- What to do -
A complete response lists each line of the data below that includes the word "from".

----- Supplied information -----

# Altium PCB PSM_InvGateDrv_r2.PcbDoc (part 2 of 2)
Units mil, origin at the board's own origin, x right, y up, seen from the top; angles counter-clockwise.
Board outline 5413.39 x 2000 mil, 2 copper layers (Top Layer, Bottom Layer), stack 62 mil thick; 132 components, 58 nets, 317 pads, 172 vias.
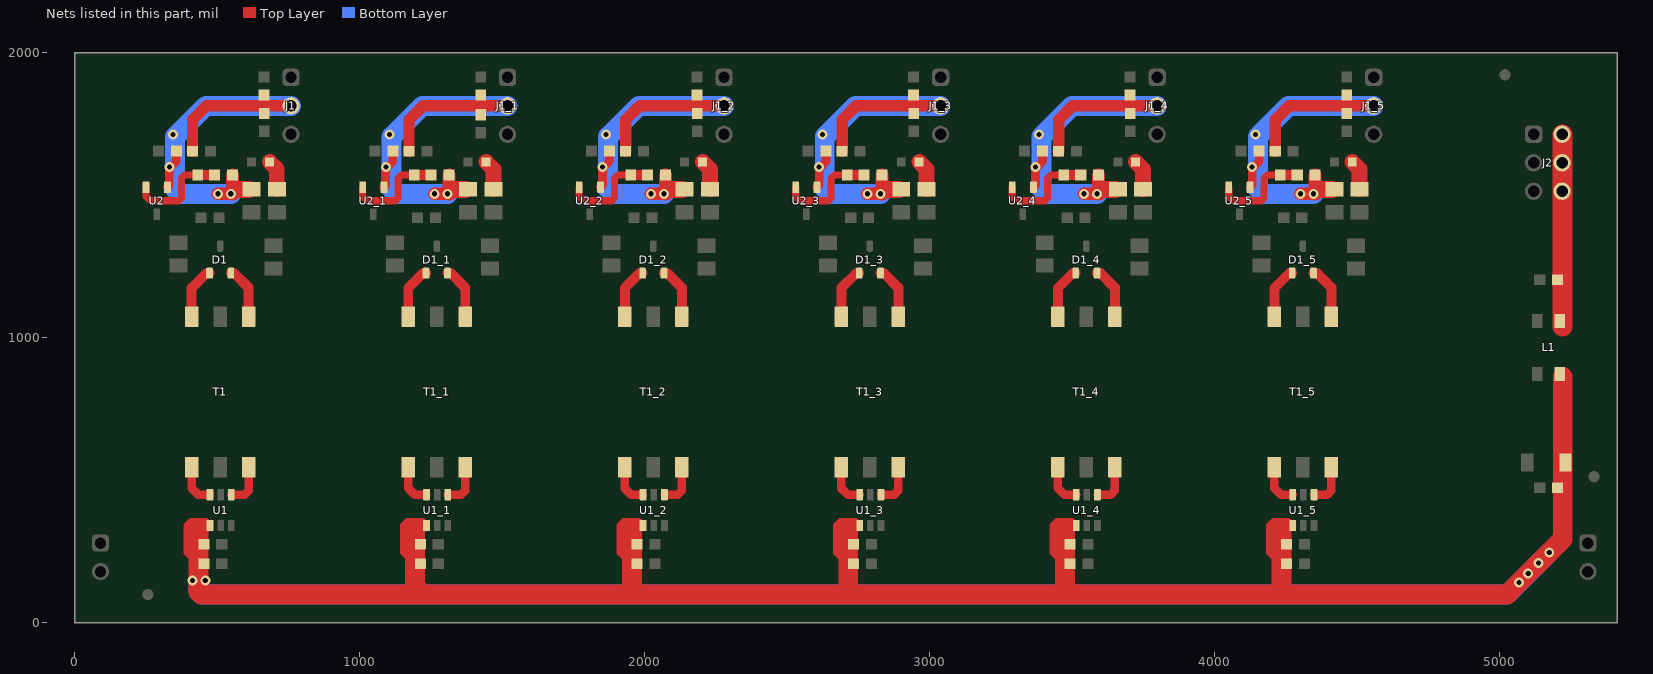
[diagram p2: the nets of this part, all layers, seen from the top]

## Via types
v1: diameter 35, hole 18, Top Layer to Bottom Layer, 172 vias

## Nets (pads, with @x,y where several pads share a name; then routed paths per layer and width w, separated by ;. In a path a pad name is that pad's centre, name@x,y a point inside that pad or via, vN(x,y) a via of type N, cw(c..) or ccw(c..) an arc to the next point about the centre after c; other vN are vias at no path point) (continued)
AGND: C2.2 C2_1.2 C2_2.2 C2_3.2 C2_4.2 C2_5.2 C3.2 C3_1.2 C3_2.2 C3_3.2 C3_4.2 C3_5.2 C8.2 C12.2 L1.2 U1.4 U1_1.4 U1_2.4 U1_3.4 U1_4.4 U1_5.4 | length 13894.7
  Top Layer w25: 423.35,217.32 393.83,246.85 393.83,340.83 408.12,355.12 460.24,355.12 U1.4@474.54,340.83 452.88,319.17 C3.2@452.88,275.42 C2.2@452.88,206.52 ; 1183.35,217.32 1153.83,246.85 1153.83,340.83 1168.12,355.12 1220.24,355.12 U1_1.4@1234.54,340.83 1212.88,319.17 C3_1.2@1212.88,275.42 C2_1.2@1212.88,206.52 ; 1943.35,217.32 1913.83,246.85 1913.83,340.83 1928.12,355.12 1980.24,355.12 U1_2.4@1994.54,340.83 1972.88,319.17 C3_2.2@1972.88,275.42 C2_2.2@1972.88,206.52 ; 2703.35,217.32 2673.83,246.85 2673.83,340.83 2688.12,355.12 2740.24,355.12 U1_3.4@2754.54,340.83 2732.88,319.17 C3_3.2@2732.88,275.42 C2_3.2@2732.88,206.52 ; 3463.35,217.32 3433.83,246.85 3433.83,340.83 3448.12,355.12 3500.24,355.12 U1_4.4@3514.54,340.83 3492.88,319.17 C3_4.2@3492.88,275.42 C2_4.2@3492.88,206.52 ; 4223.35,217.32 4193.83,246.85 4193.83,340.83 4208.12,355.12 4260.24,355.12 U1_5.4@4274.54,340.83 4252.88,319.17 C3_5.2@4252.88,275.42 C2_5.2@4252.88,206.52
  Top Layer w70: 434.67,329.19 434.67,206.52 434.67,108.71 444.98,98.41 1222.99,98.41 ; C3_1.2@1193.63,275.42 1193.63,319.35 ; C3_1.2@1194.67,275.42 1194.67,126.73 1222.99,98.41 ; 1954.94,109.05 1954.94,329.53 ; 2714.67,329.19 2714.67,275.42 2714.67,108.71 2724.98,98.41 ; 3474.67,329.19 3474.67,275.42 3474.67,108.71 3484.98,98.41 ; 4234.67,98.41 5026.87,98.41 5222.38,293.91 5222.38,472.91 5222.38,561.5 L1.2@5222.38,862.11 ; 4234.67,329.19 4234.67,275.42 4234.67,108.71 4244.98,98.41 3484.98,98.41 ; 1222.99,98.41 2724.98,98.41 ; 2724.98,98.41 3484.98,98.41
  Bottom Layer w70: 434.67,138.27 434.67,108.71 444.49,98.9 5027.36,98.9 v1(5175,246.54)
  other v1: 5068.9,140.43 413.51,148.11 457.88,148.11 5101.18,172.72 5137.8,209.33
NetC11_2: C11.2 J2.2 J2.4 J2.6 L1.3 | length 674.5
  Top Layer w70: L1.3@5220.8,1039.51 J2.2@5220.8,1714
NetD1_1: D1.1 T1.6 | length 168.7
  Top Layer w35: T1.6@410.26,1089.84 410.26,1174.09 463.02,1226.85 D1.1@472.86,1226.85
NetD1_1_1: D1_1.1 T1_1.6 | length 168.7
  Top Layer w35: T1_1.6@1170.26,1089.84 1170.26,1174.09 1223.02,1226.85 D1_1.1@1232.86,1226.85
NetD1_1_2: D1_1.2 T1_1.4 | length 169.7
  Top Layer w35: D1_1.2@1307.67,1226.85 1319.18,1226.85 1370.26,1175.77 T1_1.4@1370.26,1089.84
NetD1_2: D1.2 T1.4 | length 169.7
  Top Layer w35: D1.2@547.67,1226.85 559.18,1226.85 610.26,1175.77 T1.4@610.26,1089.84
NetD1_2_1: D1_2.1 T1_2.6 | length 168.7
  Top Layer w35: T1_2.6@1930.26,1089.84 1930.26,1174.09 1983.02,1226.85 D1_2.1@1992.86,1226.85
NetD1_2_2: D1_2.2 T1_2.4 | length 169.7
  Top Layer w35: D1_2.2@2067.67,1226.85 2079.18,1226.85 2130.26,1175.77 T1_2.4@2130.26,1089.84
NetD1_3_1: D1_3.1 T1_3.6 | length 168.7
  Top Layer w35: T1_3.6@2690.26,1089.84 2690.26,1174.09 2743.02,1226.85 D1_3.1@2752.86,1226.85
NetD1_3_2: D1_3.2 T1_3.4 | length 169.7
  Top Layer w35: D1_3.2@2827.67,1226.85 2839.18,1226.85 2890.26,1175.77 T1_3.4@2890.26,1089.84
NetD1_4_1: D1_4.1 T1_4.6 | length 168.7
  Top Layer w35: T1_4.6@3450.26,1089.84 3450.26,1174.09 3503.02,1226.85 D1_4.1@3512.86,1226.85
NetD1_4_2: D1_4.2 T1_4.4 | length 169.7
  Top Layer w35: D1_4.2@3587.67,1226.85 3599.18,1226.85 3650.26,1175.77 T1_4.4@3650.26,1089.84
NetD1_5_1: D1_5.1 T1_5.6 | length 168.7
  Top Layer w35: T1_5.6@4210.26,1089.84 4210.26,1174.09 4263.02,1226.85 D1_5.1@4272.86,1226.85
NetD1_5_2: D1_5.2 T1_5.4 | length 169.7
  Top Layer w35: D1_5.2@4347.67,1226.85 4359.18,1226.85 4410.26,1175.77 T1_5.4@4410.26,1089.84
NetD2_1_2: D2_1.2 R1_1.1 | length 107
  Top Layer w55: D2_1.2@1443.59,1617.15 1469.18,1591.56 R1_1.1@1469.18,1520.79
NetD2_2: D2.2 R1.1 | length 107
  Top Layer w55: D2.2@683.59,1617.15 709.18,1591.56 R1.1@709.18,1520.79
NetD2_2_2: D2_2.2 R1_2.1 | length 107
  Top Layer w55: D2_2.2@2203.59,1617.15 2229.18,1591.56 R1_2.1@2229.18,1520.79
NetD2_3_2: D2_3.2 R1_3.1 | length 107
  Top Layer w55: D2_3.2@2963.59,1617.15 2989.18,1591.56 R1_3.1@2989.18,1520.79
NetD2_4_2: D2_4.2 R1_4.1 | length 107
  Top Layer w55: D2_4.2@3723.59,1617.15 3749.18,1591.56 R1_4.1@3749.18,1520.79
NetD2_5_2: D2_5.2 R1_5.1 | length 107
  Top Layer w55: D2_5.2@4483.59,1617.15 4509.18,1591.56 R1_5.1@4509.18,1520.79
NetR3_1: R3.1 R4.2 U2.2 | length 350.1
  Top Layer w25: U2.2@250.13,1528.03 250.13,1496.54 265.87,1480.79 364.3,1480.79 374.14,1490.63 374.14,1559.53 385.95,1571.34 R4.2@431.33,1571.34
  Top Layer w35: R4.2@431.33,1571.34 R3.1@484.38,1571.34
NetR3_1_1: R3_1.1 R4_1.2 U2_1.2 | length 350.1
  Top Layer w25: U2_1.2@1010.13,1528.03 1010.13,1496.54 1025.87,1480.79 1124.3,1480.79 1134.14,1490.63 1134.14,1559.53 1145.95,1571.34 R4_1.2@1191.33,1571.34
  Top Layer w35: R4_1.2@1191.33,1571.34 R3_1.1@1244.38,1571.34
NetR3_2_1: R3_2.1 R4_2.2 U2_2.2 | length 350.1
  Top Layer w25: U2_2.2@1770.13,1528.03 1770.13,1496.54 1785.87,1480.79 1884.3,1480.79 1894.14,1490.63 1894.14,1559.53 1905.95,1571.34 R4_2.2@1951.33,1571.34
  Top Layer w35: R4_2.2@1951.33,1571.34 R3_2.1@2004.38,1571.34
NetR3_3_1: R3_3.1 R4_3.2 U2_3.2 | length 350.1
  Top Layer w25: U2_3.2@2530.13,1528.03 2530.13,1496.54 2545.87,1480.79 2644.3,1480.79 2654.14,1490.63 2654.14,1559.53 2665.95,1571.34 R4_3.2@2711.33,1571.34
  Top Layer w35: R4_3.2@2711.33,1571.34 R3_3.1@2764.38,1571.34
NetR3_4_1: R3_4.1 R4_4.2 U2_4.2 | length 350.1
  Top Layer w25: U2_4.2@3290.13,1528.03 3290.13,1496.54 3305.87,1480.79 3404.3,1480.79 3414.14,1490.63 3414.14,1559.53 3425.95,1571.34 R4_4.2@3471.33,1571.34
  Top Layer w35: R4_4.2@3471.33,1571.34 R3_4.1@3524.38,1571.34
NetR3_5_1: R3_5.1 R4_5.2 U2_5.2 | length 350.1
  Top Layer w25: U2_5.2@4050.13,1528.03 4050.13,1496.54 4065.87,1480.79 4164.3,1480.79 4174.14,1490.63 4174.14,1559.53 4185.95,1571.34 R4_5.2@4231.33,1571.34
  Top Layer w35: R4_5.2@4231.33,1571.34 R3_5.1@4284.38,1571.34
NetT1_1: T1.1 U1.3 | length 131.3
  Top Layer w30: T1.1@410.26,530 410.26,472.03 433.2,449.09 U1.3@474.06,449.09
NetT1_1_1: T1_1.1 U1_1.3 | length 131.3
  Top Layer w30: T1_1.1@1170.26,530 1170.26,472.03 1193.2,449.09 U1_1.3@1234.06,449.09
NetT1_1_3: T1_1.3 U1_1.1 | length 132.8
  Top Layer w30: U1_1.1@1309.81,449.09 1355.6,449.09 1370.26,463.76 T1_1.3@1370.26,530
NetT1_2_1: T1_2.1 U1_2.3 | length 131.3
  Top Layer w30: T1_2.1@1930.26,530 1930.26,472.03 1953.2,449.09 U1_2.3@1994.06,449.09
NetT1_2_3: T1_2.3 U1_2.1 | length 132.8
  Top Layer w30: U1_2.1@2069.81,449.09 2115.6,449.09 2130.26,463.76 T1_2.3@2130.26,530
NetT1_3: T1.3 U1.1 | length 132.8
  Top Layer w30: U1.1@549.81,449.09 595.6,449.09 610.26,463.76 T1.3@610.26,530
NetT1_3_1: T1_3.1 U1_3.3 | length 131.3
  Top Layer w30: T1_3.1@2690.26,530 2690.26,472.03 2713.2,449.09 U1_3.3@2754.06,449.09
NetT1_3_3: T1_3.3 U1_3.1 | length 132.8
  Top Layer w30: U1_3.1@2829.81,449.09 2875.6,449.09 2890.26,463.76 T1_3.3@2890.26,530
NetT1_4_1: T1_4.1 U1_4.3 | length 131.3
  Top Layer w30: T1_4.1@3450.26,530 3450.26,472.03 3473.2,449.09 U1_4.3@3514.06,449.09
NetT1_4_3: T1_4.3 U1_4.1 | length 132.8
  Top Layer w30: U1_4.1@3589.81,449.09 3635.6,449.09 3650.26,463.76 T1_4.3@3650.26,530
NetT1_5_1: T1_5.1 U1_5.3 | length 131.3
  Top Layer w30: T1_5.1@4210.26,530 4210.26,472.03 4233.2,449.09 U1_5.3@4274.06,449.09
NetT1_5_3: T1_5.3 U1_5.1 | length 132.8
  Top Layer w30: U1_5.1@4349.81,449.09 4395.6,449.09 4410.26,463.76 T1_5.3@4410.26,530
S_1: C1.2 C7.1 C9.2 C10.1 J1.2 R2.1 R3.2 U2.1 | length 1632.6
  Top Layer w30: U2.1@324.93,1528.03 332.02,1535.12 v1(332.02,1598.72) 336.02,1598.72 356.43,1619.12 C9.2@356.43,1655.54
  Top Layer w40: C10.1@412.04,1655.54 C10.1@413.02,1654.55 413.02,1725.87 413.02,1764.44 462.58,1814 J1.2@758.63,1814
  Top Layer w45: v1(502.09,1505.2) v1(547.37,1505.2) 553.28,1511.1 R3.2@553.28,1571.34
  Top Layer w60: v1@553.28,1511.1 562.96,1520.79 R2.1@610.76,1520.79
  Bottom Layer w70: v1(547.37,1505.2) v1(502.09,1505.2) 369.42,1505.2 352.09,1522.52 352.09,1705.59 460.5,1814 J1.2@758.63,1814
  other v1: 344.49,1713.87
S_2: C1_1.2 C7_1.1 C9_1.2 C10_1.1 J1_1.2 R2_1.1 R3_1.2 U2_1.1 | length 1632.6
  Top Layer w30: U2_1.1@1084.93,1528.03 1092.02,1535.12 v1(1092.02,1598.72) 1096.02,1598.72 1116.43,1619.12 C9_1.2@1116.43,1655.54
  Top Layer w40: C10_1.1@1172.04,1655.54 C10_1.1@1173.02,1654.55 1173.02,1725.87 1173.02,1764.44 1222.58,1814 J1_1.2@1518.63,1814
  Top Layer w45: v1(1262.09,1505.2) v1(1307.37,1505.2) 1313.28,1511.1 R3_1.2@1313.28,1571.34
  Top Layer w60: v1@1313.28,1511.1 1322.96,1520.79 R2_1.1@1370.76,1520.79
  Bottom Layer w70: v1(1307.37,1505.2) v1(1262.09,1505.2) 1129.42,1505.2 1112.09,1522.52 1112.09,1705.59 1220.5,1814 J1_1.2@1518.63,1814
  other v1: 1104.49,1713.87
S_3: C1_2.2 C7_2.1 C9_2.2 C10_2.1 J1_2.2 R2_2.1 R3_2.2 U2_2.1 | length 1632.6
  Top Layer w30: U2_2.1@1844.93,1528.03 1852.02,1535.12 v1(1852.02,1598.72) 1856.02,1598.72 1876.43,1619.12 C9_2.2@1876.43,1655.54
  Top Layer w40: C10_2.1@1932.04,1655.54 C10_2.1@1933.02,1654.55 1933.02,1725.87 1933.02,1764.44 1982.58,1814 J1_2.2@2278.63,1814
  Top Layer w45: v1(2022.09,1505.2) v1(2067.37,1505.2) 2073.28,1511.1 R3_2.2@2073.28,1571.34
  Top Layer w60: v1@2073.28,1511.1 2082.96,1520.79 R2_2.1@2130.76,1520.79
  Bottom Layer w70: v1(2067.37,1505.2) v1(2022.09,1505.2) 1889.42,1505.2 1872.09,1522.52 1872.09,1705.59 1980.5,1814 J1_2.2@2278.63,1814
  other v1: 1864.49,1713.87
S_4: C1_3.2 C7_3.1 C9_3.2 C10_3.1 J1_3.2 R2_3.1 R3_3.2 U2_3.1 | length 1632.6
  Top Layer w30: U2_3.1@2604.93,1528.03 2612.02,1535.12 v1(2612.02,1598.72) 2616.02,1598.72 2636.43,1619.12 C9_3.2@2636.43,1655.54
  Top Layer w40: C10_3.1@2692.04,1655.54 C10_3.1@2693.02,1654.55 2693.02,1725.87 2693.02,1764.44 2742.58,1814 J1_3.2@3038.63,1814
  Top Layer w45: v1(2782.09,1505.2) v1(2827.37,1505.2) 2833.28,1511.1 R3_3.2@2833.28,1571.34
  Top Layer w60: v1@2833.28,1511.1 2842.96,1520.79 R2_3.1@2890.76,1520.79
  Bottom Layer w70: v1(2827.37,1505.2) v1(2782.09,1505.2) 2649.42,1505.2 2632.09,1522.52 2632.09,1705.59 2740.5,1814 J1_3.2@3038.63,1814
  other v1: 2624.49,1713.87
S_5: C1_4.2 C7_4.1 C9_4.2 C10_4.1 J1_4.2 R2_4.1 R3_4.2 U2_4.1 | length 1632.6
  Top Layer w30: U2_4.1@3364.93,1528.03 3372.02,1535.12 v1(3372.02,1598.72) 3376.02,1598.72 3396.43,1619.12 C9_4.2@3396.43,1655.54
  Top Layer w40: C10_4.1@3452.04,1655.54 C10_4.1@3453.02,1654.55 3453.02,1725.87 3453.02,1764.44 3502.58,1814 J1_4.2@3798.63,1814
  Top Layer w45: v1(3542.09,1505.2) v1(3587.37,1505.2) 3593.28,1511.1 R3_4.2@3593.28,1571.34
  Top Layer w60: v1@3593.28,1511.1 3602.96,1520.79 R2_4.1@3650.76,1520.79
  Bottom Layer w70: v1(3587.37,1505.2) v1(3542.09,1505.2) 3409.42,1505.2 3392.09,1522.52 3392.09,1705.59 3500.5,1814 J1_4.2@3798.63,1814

-----

- Exercise answer -
Units mil, origin at the board's own origin, x right, y up, seen from the top; angles counter-clockwise.
[diagram p2: the nets of this part, all layers, seen from the top]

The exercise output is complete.